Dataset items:
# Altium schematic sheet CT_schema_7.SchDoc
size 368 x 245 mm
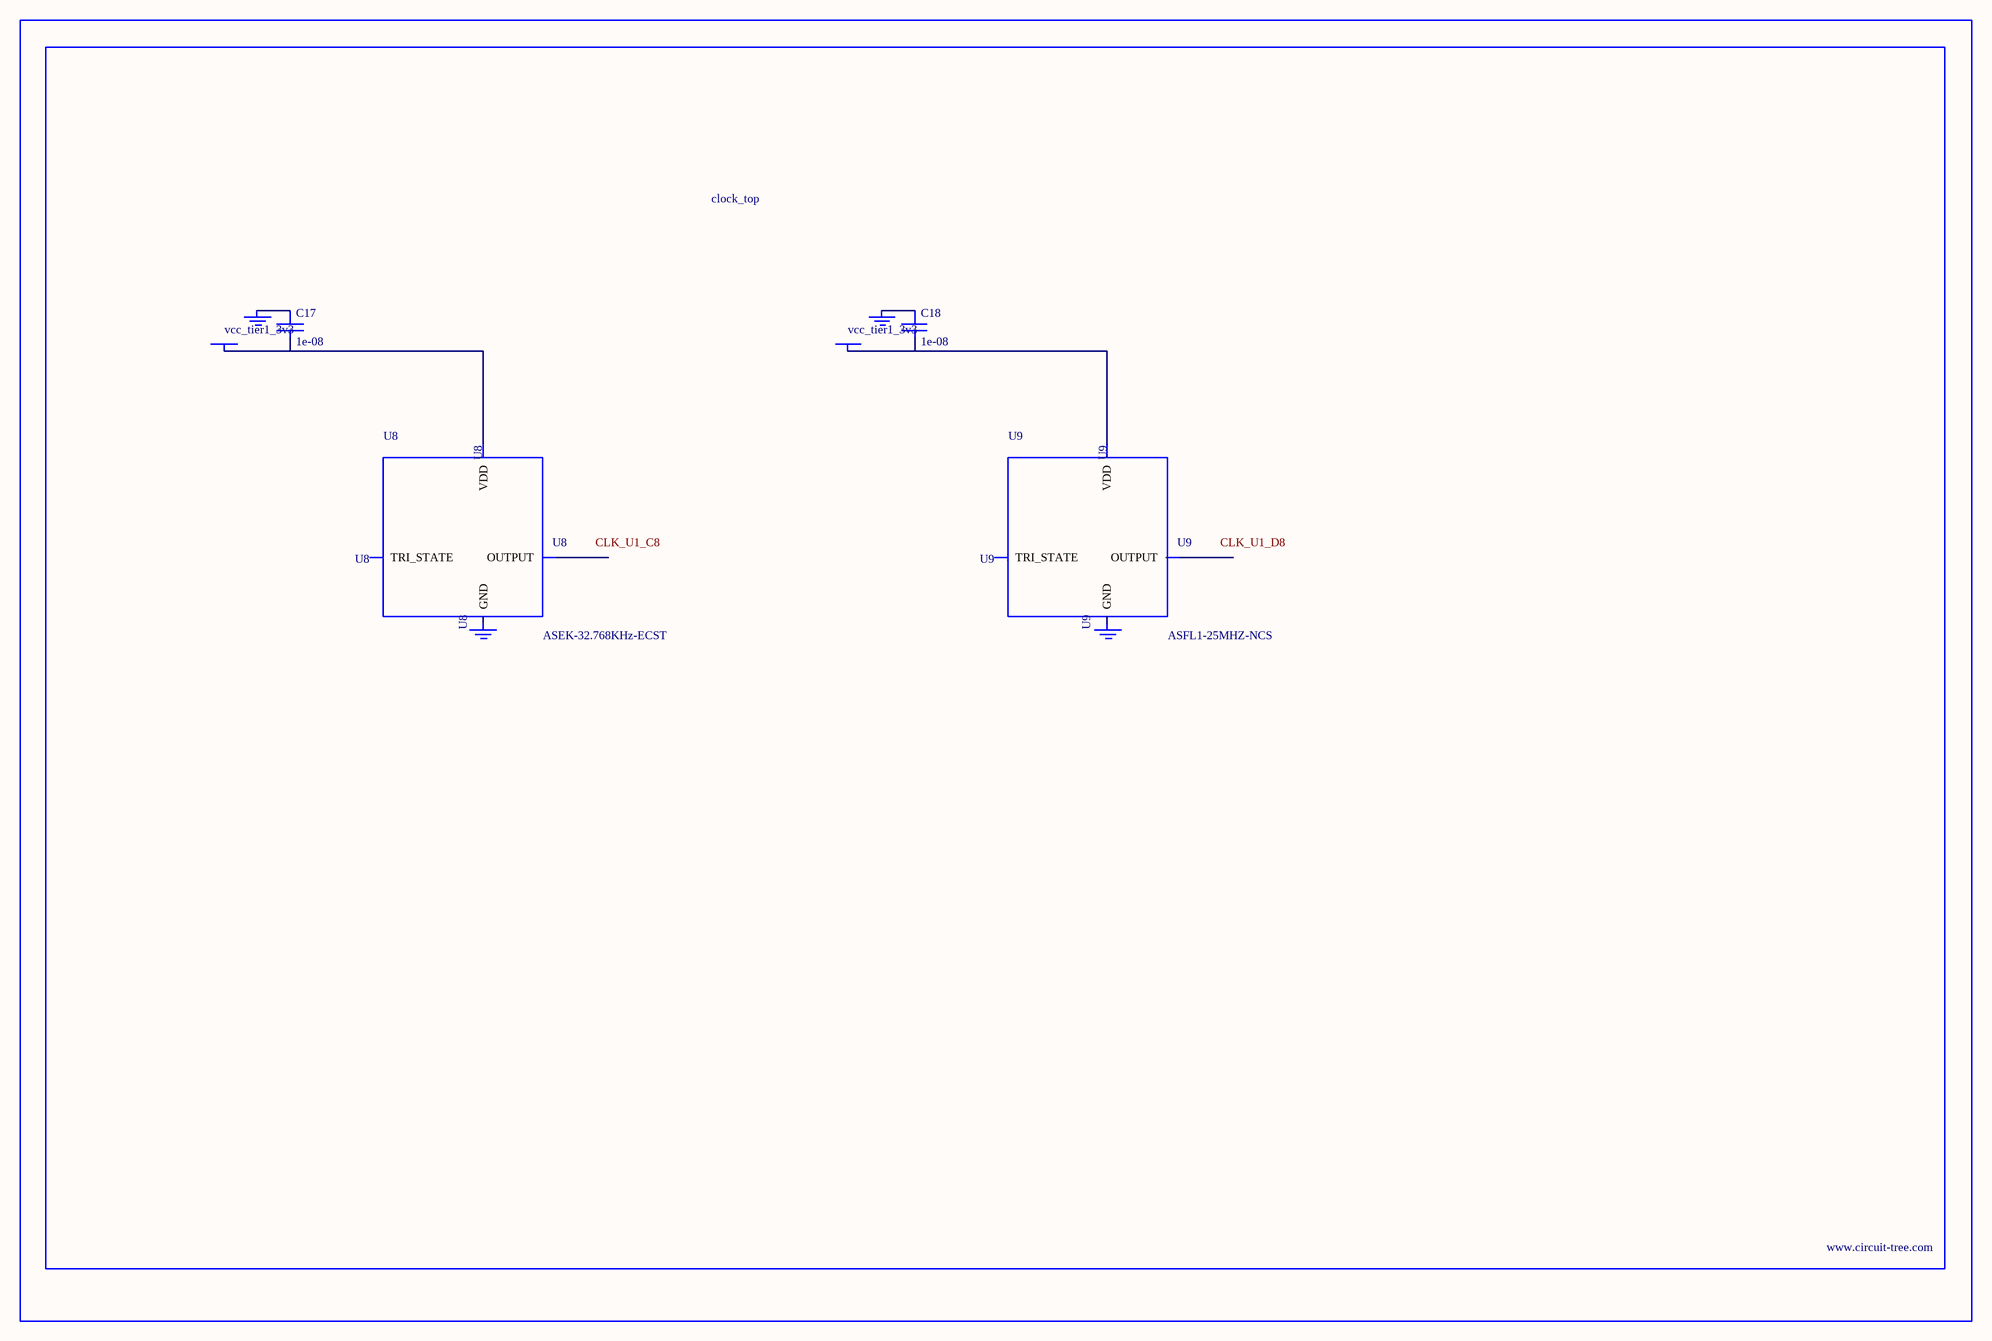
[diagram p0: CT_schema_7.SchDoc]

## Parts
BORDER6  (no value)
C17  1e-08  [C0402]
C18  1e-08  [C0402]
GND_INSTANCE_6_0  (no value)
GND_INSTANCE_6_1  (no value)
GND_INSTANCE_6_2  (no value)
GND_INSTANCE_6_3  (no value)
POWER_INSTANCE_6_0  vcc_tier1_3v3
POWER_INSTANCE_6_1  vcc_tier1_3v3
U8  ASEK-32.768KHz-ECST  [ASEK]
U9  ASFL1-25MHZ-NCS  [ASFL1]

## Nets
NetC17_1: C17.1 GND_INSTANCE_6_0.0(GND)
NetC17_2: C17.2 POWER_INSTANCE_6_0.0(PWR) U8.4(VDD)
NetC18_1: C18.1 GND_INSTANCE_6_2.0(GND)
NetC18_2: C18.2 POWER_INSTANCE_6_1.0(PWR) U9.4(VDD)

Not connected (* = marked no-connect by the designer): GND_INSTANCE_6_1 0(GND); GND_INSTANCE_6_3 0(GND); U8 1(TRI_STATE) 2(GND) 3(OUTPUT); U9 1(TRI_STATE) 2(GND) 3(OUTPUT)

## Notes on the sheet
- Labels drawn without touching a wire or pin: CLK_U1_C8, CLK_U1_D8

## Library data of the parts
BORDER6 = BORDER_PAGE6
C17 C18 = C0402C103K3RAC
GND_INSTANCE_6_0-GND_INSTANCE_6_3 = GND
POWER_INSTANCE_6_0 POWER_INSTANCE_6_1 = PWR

What you need to do – Restate the data above word for word, so that the only difference is the missing pictures.

Worked solution –
# Altium schematic sheet CT_schema_7.SchDoc
size 368 x 245 mm
[diagram p0: CT_schema_7.SchDoc]

## Parts
BORDER6  (no value)
C17  1e-08  [C0402]
C18  1e-08  [C0402]
GND_INSTANCE_6_0  (no value)
GND_INSTANCE_6_1  (no value)
GND_INSTANCE_6_2  (no value)
GND_INSTANCE_6_3  (no value)
POWER_INSTANCE_6_0  vcc_tier1_3v3
POWER_INSTANCE_6_1  vcc_tier1_3v3
U8  ASEK-32.768KHz-ECST  [ASEK]
U9  ASFL1-25MHZ-NCS  [ASFL1]

## Nets
NetC17_1: C17.1 GND_INSTANCE_6_0.0(GND)
NetC17_2: C17.2 POWER_INSTANCE_6_0.0(PWR) U8.4(VDD)
NetC18_1: C18.1 GND_INSTANCE_6_2.0(GND)
NetC18_2: C18.2 POWER_INSTANCE_6_1.0(PWR) U9.4(VDD)

Not connected (* = marked no-connect by the designer): GND_INSTANCE_6_1 0(GND); GND_INSTANCE_6_3 0(GND); U8 1(TRI_STATE) 2(GND) 3(OUTPUT); U9 1(TRI_STATE) 2(GND) 3(OUTPUT)

## Notes on the sheet
- Labels drawn without touching a wire or pin: CLK_U1_C8, CLK_U1_D8

## Library data of the parts
BORDER6 = BORDER_PAGE6
C17 C18 = C0402C103K3RAC
GND_INSTANCE_6_0-GND_INSTANCE_6_3 = GND
POWER_INSTANCE_6_0 POWER_INSTANCE_6_1 = PWR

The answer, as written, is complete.